Yeast strain DBY8724 (Mat a GAL2 ura3 bar1::URA3) was kindly provided by P. T. Spellman. Obtained S. cerevisiae cells were synchronized by α-factor arrest as described by Spellman et al.32 and Pramila et al.34. Cells were grown to an OD600 of 0.2 in YEP glucose pH 5.5, an asynchronous sample was taken and α-factor (Sigma Aldrich) was added to a concentration of 25 ng/ml. After 2 hours cells were released from α-factor arrest by pelleting and re-suspended in fresh medium to an OD600 of 0.2 (Fig. 8C, time 0). Every 5 min, for the next 120 min, 25 samples were taken (25 ml for western blot analysis, 1 ml for FACS analysis and 1 ml to count budding index).

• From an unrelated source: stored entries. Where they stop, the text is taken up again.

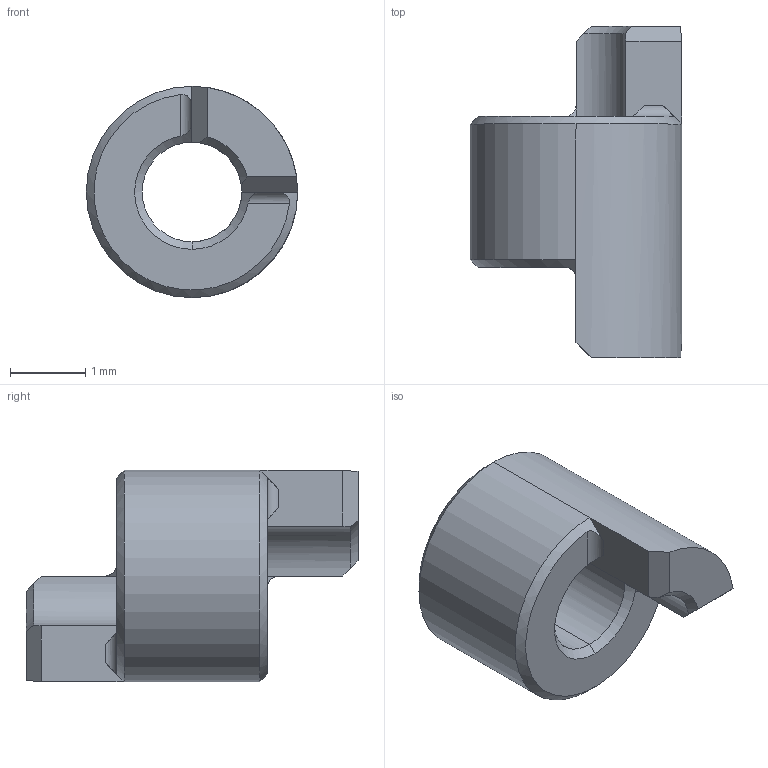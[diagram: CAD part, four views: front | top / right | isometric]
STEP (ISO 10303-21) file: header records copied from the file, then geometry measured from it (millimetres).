
FILE_DESCRIPTION (( 'STEP AP214' ), '1' );
FILE_NAME ('TRL-0042-A.STEP', '2021-06-25T20:01:41', ( '' ), ( '' ), 'SwSTEP 2.0', 'SolidWorks 2016', '' );
FILE_SCHEMA (( 'AUTOMOTIVE_DESIGN' ));
Length unit declared in the file: millimetre
Products named in the file (1): TRL-0042-A
Bounding box: 2.8 x 4.4 x 2.8 mm (x, y, z)
Volume: 12.3 mm3; surface area: 45 mm2
Topology: 1 solids, 1 shells, 28 faces, 78 edges, 50 vertices
Faces by surface type: plane 12, cone 8, cylinder 8
Entity records: 964 total; most frequent: CARTESIAN_POINT 237, ORIENTED_EDGE 156, DIRECTION 136, EDGE_CURVE 78, VERTEX_POINT 50, AXIS2_PLACEMENT_3D 49, VECTOR 38, LINE 38
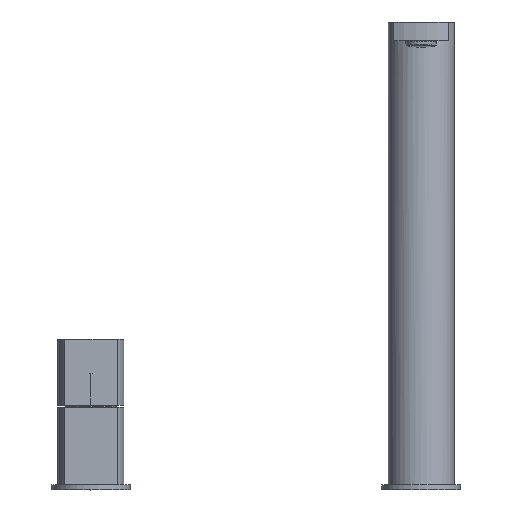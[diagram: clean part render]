
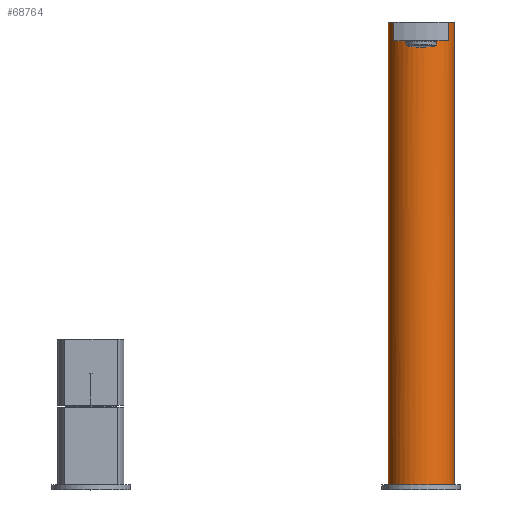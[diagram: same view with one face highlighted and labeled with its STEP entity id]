
A CAD part, top view. The second image highlights one B-rep face of the part: STEP entity #68764.
In plain terms, the highlighted cylindrical face has radius 20 mm (diameter 40 mm), a partial arc.
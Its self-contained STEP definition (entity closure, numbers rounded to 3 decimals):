
#15797=CARTESIAN_POINT('',(200.,269.,0.));
#15798=DIRECTION('',(0.,-1.,0.));
#15799=DIRECTION('',(0.8,0.,0.6));
#15800=AXIS2_PLACEMENT_3D('',#15797,#15798,#15799);
#16021=CARTESIAN_POINT('',(200.,280.,0.));
#16022=DIRECTION('',(0.,1.,0.));
#16023=DIRECTION('',(0.803,0.,0.597));
#16024=AXIS2_PLACEMENT_3D('',#16021,#16022,#16023);
#16049=CARTESIAN_POINT('',(200.,280.,0.));
#16050=DIRECTION('',(0.,1.,0.));
#16051=DIRECTION('',(-1.,0.,0.));
#16052=AXIS2_PLACEMENT_3D('',#16049,#16050,#16051);
#16087=CARTESIAN_POINT('',(200.,0.,0.));
#16088=DIRECTION('',(0.,1.,0.));
#16089=DIRECTION('',(-1.,0.,0.));
#16090=AXIS2_PLACEMENT_3D('',#16087,#16088,#16089);
#16092=DIRECTION('',(0.,1.,0.));
#16093=VECTOR('',#16092,280.);
#16094=CARTESIAN_POINT('',(180.,0.,0.));
#16095=LINE('',#16094,#16093);
#16096=DIRECTION('',(0.,1.,0.));
#16097=VECTOR('',#16096,11.);
#16098=CARTESIAN_POINT('',(183.95,269.,11.933));
#16099=LINE('',#16098,#16097);
#16100=DIRECTION('',(0.,-1.,0.));
#16101=VECTOR('',#16100,11.);
#16102=CARTESIAN_POINT('',(216.05,280.,11.933));
#16103=LINE('',#16102,#16101);
#16104=DIRECTION('',(0.,1.,0.));
#16105=VECTOR('',#16104,280.);
#16106=CARTESIAN_POINT('',(220.,0.,0.));
#16107=LINE('',#16106,#16105);
#16116=CARTESIAN_POINT('',(200.,269.,0.));
#16117=DIRECTION('',(0.,1.,0.));
#16118=DIRECTION('',(-0.803,0.,0.597));
#16119=AXIS2_PLACEMENT_3D('',#16116,#16117,#16118);
#16139=CARTESIAN_POINT('',(200.,269.,0.));
#16140=DIRECTION('',(0.,1.,0.));
#16141=DIRECTION('',(0.8,0.,0.6));
#16142=AXIS2_PLACEMENT_3D('',#16139,#16140,#16141);
#49425=CARTESIAN_POINT('',(183.95,280.,11.933));
#49427=VERTEX_POINT('',#49425);
#49430=CARTESIAN_POINT('',(216.05,280.,11.933));
#49432=VERTEX_POINT('',#49430);
#49433=CARTESIAN_POINT('',(183.95,269.,11.933));
#49435=VERTEX_POINT('',#49433);
#49437=CARTESIAN_POINT('',(216.05,269.,11.933));
#49439=VERTEX_POINT('',#49437);
#49441=CARTESIAN_POINT('',(220.,280.,0.));
#49442=CARTESIAN_POINT('',(180.,280.,0.));
#49443=VERTEX_POINT('',#49441);
#49444=VERTEX_POINT('',#49442);
#49471=CARTESIAN_POINT('',(184.,269.,12.));
#49473=VERTEX_POINT('',#49471);
#49475=CARTESIAN_POINT('',(216.,269.,12.));
#49477=VERTEX_POINT('',#49475);
#56680=CARTESIAN_POINT('',(220.,0.,0.));
#56681=CARTESIAN_POINT('',(180.,0.,0.));
#56682=VERTEX_POINT('',#56680);
#56683=VERTEX_POINT('',#56681);
#68743=CARTESIAN_POINT('',(200.,0.,0.));
#68744=DIRECTION('',(0.,1.,0.));
#68745=DIRECTION('',(1.,0.,0.));
#68746=AXIS2_PLACEMENT_3D('',#68743,#68744,#68745);
#68747=CYLINDRICAL_SURFACE('',#68746,20.);
#68748=ORIENTED_EDGE('',*,*,#68700,.F.);
#68749=ORIENTED_EDGE('',*,*,#68683,.T.);
#68750=ORIENTED_EDGE('',*,*,#68668,.T.);
#68752=ORIENTED_EDGE('',*,*,#68751,.F.);
#68754=ORIENTED_EDGE('',*,*,#68753,.T.);
#68755=ORIENTED_EDGE('',*,*,#68324,.F.);
#68757=ORIENTED_EDGE('',*,*,#68756,.T.);
#68759=ORIENTED_EDGE('',*,*,#68758,.F.);
#68760=ORIENTED_EDGE('',*,*,#68659,.T.);
#68761=ORIENTED_EDGE('',*,*,#68680,.F.);
#68762=EDGE_LOOP('',(#68748,#68749,#68750,#68752,#68754,#68755,#68757,#68759,
#68760,#68761));
#68763=FACE_OUTER_BOUND('',#68762,.F.);
#68764=ADVANCED_FACE('',(#68763),#68747,.T.);
#15801=CIRCLE('',#15800,20.);
#16025=CIRCLE('',#16024,20.);
#16053=CIRCLE('',#16052,20.);
#16091=CIRCLE('',#16090,20.);
#16120=CIRCLE('',#16119,20.);
#16143=CIRCLE('',#16142,20.);
#68324=EDGE_CURVE('',#49477,#49473,#15801,.T.);
#68659=EDGE_CURVE('',#49432,#49443,#16025,.T.);
#68668=EDGE_CURVE('',#49444,#49427,#16053,.T.);
#68680=EDGE_CURVE('',#56682,#49443,#16107,.T.);
#68683=EDGE_CURVE('',#56683,#49444,#16095,.T.);
#68700=EDGE_CURVE('',#56683,#56682,#16091,.T.);
#68751=EDGE_CURVE('',#49435,#49427,#16099,.T.);
#68753=EDGE_CURVE('',#49435,#49473,#16120,.T.);
#68756=EDGE_CURVE('',#49477,#49439,#16143,.T.);
#68758=EDGE_CURVE('',#49432,#49439,#16103,.T.);
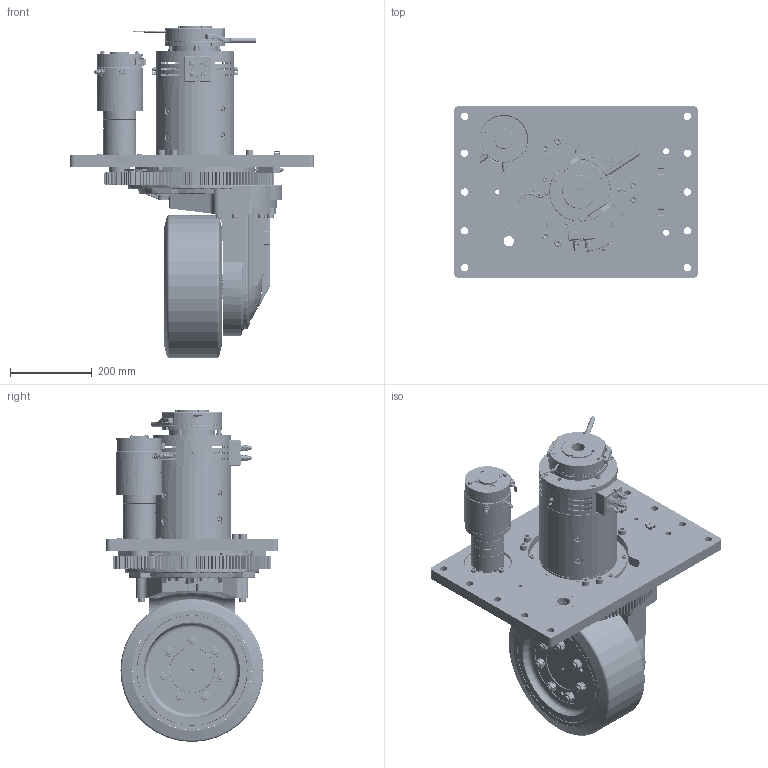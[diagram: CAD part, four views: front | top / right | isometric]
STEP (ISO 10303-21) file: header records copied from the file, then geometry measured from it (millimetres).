
FILE_DESCRIPTION(/* description */ (''),/* implementation_level */ '2;1');
FILE_NAME(/* name */ 'C:\Users\marco bosi\Desktop\WR350FMS-DC.stp',/* time_stamp */ '2023-07-18T12:06:02+02:00',/* author */ ('marco bosi'),/* organization */ (''),/* preprocessor_version */ 'ST-DEVELOPER v18.1',/* originating_system */ 'Autodesk Inventor 2022',/* authorisation */ '');
FILE_SCHEMA (('AUTOMOTIVE_DESIGN { 1 0 10303 214 3 1 1 }'));
Length unit declared in the file: millimetre
Products named in the file (1): WR350.P017_Semplifica_1
Bounding box: 595 x 420 x 812.1 mm (x, y, z)
Volume: 25248334.3 mm3; surface area: 3326745.9 mm2
Topology: 30 solids, 44 shells, 13734 faces, 36298 edges, 23810 vertices
Faces by surface type: plane 9463, cylinder 2722, cone 900, torus 332, bspline 289, sphere 28
Full cylindrical faces by diameter (mm): 1.88 x2, 2.1 x8, 2.459 x8, 2.5 x13, 2.6 x1, 3 x10, 4 x2, 4.1 x2, 4.134 x4, 4.25 x2, 4.5 x6, 4.8 x8, 4.917 x23, 5 x19, 5.3 x5, 5.5 x10, 6 x17, 6.4 x16, 6.5 x10, 6.6 x9, 6.647 x12, 6.75 x6, 6.8 x3, 7 x6, 7.5 x1, 8 x40, 8.2 x6, 8.376 x8, 8.4 x6, 8.5 x31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
Entity records: 513636 total; most frequent: CARTESIAN_POINT 157361, ORIENTED_EDGE 72349, DIRECTION 70908, EDGE_CURVE 36196, AXIS2_PLACEMENT_3D 24911, VERTEX_POINT 23829, LINE 21086, VECTOR 21086

Cell cycle progression was monitored by bud counting and DNA content analysis (FACS) (Fig. 8A–C).

Figure 8
figure 8

α-factor cell cycle synchronization. (A) Comparison of budding indices of our α-factor synchronization with those of Pramila et al.34 and Li et al.41, both for wild type (WT) and appropriate mutants. (B) FACS results for asynchronous culture (as) and selected time points of our synchronization. (C) Yeast cells sampled from asynchronous culture and at selected time points.

Budding index calculation and FACS analysis

For budding index calculation, two hundred cells were examined at every time point. The budding percentage was calculated as the number of budded cells divided by the number of all cells. To monitor DNA synthesis, samples were prepared as described previously39 and DNA content was measured using a BD FACSCalibur Flow Cytometer.

Western blot analysis

Cell extracts were prepared by TCA precipitation40 and then subjected to western blot analysis. Protein samples were separated on Mini-PROTEAN TGX 4–20% (Bio-Rad) gels and transferred to PureNitrocellulose Paper 0.45 μm (Bio-Rad). Blots were blocked using 0.2% I-Block buffer (Applied Biosystems), cut horizontally and probed with primary antibodies followed by incubation with appropriate horseradish peroxidase-conjugated secondary antibodies. The primary antisera used to detect selected proteins were from Santa Cruz Biotechnology (Rad50, Cdc5, and Clb2), Abcam (H3), Agrisera (Rnr1) and Millipore (Act1) and the secondary antisera were from Dako. Protein bands were visualized with the Immoblilon Western (Millipore) and scanned in a G-Box imaging system (Syngene). Band intensities were quantified using Gene-Snap software (Syngene).